Material shown:
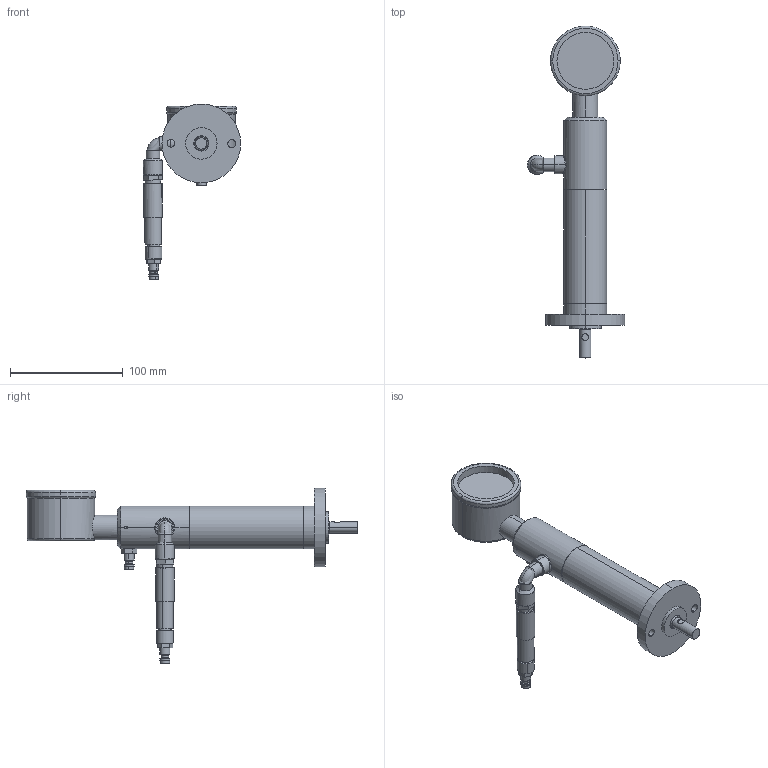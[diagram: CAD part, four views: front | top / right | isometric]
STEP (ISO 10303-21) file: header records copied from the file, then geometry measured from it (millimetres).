
FILE_DESCRIPTION (( 'STEP AP214' ), '1' );
FILE_NAME ('PMR28TGA.STEP', '2019-03-19T10:01:22', ( '' ), ( '' ), 'SwSTEP 2.0', 'SolidWorks 2018', '' );
FILE_SCHEMA (( 'AUTOMOTIVE_DESIGN' ));
Length unit declared in the file: millimetre
Products named in the file (13): Kopie von Deckel PLR 11^PMR28TGA; Kopie von Stator PLR 11^PMR28TGA; Kopie von Rotor PLR 11^PMR28TGA; Kopie von Motorblock PLR 11^PMR28TGA; PMR28TGA; Tacho; Flansch Serie PMR; Rändelschraube GA; Schnellkupplung; Ventil; Rändelschraube; Winkel; Kopie von Distanzring PLR 11^PMR28TGA
Assembly tree (13 placements, depth 3):
  PMR28TGA
    Kopie von Motorblock PLR 11^PMR28TGA
    Kopie von Rotor PLR 11^PMR28TGA
    Kopie von Stator PLR 11^PMR28TGA
    Kopie von Deckel PLR 11^PMR28TGA
    Kopie von Distanzring PLR 11^PMR28TGA
    Winkel
    Rändelschraube GA
      Rändelschraube
      Ventil
      Schnellkupplung
    Schnellkupplung
    Flansch Serie PMR
    Tacho
Bounding box: 86.58 x 295 x 156.33 mm (x, y, z)
Volume: 298399.9 mm3; surface area: 107809.8 mm2
Topology: 12 solids, 12 shells, 298 faces, 621 edges, 390 vertices
Faces by surface type: cylinder 152, plane 94, cone 32, torus 17, bspline 3
Entity records: 8907 total; most frequent: CARTESIAN_POINT 2213, DIRECTION 1392, ORIENTED_EDGE 1098, AXIS2_PLACEMENT_3D 595, EDGE_CURVE 549, VERTEX_POINT 348, EDGE_LOOP 325, CIRCLE 314

To do: Images must not appear in the copy; reproduce everything else in the records verbatim.

Response:
[diagram: CAD part, four views: front | top / right | isometric]
STEP (ISO 10303-21) file: header records copied from the file, then geometry measured from it (millimetres).
FILE_DESCRIPTION (( 'STEP AP214' ), '1' );
FILE_NAME ('PMR28TGA.STEP', '2019-03-19T10:01:22', ( '' ), ( '' ), 'SwSTEP 2.0', 'SolidWorks 2018', '' );
FILE_SCHEMA (( 'AUTOMOTIVE_DESIGN' ));
Length unit declared in the file: millimetre
Products named in the file (13): Kopie von Deckel PLR 11^PMR28TGA; Kopie von Stator PLR 11^PMR28TGA; Kopie von Rotor PLR 11^PMR28TGA; Kopie von Motorblock PLR 11^PMR28TGA; PMR28TGA; Tacho; Flansch Serie PMR; Rändelschraube GA; Schnellkupplung; Ventil; Rändelschraube; Winkel; Kopie von Distanzring PLR 11^PMR28TGA
Assembly tree (13 placements, depth 3):
  PMR28TGA
    Kopie von Motorblock PLR 11^PMR28TGA
    Kopie von Rotor PLR 11^PMR28TGA
    Kopie von Stator PLR 11^PMR28TGA
    Kopie von Deckel PLR 11^PMR28TGA
    Kopie von Distanzring PLR 11^PMR28TGA
    Winkel
    Rändelschraube GA
      Rändelschraube
      Ventil
      Schnellkupplung
    Schnellkupplung
    Flansch Serie PMR
    Tacho
Bounding box: 86.58 x 295 x 156.33 mm (x, y, z)
Volume: 298399.9 mm3; surface area: 107809.8 mm2
Topology: 12 solids, 12 shells, 298 faces, 621 edges, 390 vertices
Faces by surface type: cylinder 152, plane 94, cone 32, torus 17, bspline 3
Entity records: 8907 total; most frequent: CARTESIAN_POINT 2213, DIRECTION 1392, ORIENTED_EDGE 1098, AXIS2_PLACEMENT_3D 595, EDGE_CURVE 549, VERTEX_POINT 348, EDGE_LOOP 325, CIRCLE 314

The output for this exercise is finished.